- [Aim of the exercise]: The full set of entries has to be output exactly.

(Stored dataset items)

━━━━

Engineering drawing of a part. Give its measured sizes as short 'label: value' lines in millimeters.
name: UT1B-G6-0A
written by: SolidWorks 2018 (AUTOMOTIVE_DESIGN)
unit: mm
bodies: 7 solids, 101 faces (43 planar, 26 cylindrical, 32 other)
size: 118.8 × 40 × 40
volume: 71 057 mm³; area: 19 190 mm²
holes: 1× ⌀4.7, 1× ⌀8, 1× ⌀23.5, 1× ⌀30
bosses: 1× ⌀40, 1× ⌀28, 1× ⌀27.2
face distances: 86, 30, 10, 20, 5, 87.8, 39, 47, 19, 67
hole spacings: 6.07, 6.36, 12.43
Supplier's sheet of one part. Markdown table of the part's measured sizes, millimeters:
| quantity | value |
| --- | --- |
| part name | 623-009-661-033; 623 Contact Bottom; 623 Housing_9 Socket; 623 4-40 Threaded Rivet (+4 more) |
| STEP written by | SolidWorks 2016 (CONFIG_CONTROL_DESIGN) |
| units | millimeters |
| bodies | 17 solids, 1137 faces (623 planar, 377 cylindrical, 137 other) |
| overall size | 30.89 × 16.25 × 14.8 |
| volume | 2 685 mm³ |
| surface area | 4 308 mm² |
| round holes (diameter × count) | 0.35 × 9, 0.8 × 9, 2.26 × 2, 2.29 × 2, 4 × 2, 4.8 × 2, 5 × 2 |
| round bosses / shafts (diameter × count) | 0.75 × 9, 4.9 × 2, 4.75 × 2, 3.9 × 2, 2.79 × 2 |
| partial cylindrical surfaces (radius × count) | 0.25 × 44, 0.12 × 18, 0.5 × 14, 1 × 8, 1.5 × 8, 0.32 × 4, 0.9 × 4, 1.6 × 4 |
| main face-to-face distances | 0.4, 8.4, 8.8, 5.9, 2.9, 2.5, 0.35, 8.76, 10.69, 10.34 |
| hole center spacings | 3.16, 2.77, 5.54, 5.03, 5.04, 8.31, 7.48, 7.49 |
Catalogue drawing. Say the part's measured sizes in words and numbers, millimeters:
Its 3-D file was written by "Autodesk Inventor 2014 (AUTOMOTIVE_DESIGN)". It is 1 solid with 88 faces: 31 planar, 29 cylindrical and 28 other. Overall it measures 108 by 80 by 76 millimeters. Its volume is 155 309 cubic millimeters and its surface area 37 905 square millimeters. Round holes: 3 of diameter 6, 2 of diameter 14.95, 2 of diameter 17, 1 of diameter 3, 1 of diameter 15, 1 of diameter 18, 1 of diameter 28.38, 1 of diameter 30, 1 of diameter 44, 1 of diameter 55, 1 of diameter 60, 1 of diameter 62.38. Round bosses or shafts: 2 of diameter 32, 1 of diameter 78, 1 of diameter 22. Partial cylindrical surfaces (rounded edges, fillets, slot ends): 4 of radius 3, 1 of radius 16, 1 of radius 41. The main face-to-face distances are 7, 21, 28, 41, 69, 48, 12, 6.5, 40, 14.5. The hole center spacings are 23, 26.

━━━━

- [Written reply]:
Engineering drawing of a part. Give its measured sizes as short 'label: value' lines in millimeters.
name: UT1B-G6-0A
written by: SolidWorks 2018 (AUTOMOTIVE_DESIGN)
unit: mm
bodies: 7 solids, 101 faces (43 planar, 26 cylindrical, 32 other)
size: 118.8 × 40 × 40
volume: 71 057 mm³; area: 19 190 mm²
holes: 1× ⌀4.7, 1× ⌀8, 1× ⌀23.5, 1× ⌀30
bosses: 1× ⌀40, 1× ⌀28, 1× ⌀27.2
face distances: 86, 30, 10, 20, 5, 87.8, 39, 47, 19, 67
hole spacings: 6.07, 6.36, 12.43
Supplier's sheet of one part. Markdown table of the part's measured sizes, millimeters:
| quantity | value |
| --- | --- |
| part name | 623-009-661-033; 623 Contact Bottom; 623 Housing_9 Socket; 623 4-40 Threaded Rivet (+4 more) |
| STEP written by | SolidWorks 2016 (CONFIG_CONTROL_DESIGN) |
| units | millimeters |
| bodies | 17 solids, 1137 faces (623 planar, 377 cylindrical, 137 other) |
| overall size | 30.89 × 16.25 × 14.8 |
| volume | 2 685 mm³ |
| surface area | 4 308 mm² |
| round holes (diameter × count) | 0.35 × 9, 0.8 × 9, 2.26 × 2, 2.29 × 2, 4 × 2, 4.8 × 2, 5 × 2 |
| round bosses / shafts (diameter × count) | 0.75 × 9, 4.9 × 2, 4.75 × 2, 3.9 × 2, 2.79 × 2 |
| partial cylindrical surfaces (radius × count) | 0.25 × 44, 0.12 × 18, 0.5 × 14, 1 × 8, 1.5 × 8, 0.32 × 4, 0.9 × 4, 1.6 × 4 |
| main face-to-face distances | 0.4, 8.4, 8.8, 5.9, 2.9, 2.5, 0.35, 8.76, 10.69, 10.34 |
| hole center spacings | 3.16, 2.77, 5.54, 5.03, 5.04, 8.31, 7.48, 7.49 |
Catalogue drawing. Say the part's measured sizes in words and numbers, millimeters:
Its 3-D file was written by "Autodesk Inventor 2014 (AUTOMOTIVE_DESIGN)". It is 1 solid with 88 faces: 31 planar, 29 cylindrical and 28 other. Overall it measures 108 by 80 by 76 millimeters. Its volume is 155 309 cubic millimeters and its surface area 37 905 square millimeters. Round holes: 3 of diameter 6, 2 of diameter 14.95, 2 of diameter 17, 1 of diameter 3, 1 of diameter 15, 1 of diameter 18, 1 of diameter 28.38, 1 of diameter 30, 1 of diameter 44, 1 of diameter 55, 1 of diameter 60, 1 of diameter 62.38. Round bosses or shafts: 2 of diameter 32, 1 of diameter 78, 1 of diameter 22. Partial cylindrical surfaces (rounded edges, fillets, slot ends): 4 of radius 3, 1 of radius 16, 1 of radius 41. The main face-to-face distances are 7, 21, 28, 41, 69, 48, 12, 6.5, 40, 14.5. The hole center spacings are 23, 26.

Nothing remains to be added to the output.